Galeria Nara Roesler | São Paulo is pleased to present Purity is a Myth: the monochrome in contemporary art: curated by Michael Asbury in the 27th edition of Roesler Hotel. The Roesler Hotel is a project created by the gallery in 2002 that fosters dialogues between the national and international art community by inviting curators and artists to experiment within the gallery space. 

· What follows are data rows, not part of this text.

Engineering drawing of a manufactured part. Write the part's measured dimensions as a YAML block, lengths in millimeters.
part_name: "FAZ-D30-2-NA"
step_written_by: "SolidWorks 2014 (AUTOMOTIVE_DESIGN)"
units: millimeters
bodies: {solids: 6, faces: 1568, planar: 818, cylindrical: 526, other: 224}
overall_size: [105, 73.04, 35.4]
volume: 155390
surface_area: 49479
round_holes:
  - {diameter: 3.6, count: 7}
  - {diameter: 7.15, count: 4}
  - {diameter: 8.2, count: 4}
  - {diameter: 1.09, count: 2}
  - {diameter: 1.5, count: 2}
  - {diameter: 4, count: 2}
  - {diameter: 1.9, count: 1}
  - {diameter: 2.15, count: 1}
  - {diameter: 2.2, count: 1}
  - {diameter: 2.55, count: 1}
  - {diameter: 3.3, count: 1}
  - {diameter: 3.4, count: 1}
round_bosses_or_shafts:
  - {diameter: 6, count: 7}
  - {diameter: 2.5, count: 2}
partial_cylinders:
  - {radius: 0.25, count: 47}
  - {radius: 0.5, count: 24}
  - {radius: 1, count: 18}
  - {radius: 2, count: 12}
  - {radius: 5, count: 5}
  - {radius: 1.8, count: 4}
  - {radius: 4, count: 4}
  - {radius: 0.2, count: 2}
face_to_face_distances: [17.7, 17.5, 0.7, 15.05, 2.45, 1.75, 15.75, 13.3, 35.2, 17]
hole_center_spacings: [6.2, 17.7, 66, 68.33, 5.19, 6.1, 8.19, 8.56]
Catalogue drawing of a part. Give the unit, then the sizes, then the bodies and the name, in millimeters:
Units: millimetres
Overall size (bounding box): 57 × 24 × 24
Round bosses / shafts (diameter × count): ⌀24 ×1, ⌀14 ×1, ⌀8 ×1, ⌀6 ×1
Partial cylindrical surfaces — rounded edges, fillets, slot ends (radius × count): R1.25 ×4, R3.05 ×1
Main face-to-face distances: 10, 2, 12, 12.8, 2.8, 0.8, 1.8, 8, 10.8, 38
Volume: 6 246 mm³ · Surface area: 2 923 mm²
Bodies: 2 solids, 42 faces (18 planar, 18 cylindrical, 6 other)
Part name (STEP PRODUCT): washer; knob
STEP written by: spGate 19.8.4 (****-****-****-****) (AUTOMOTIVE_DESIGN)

Purity is a Myth: The monochrome in contemporary art, showcases over 50 works, by 43 different artists, in diverse media, including installations, photos and paintings. The exhibition proposes a look at the monochrome from multiple perspectives, emphasizing diversity where uniformity is generally assumed. The title stems from a statement made by Hélio Oiticica in one of the cabins (Penetrable PN2) in the Tropicalia environment, exhibited for the first time in 1967 at Rio de Janeiro’s Museum of Modern Art in the context of the New Brazilian Objectivity show. The exhibition’s historic scope ranges roughly from the late 1950s to date, yet, is not a question of a survey but one of juxtaposing modes of practice and the conceptual potentials of the monochrome.

The persistence of the monochrome today has perhaps more to say about the legacy of conceptual art within contemporary practices than about the death of painting which it seemingly announced. Nevertheless, if contemporary art is post-conceptual art, as many have claimed, recent and current practices that employ the monochrome tend also to problematize such a narrow affiliation. The monochrome, in other words, both defies and enriches the art historical genealogy of conceptual art, since, by its very nature, it invokes concept before form. Its formlessness demands it. If we think of Malevich rather than Duchamp, for example, we recognize another obvious source for conceptual practices and by extension for contemporary art itself.

Today, artists bring such genealogies crashing together in an often ludic disruption of the so-called serious painterly tradition through the conjunction of ready-mades with color, site-specific chromatic interventions, ephemeral objects and even the immateriality of light. The monochrome thus both mocks the seriousness of art historical discourse while still making a powerful point about current theories (or the lack of them) within contemporary art. Like Oiticica’s premises for contemporary art, outlined in his essay ‘General Scheme for the New Objectivity’ (1967), the current exhibition attempts to highlight procedural difference and multiple genealogies of practice where historical precedence, and by extension the contemporary legitimacy that it entails, is usually assumed based on purely aesthetic considerations. Such easy associations must be contested since purity is but a myth. 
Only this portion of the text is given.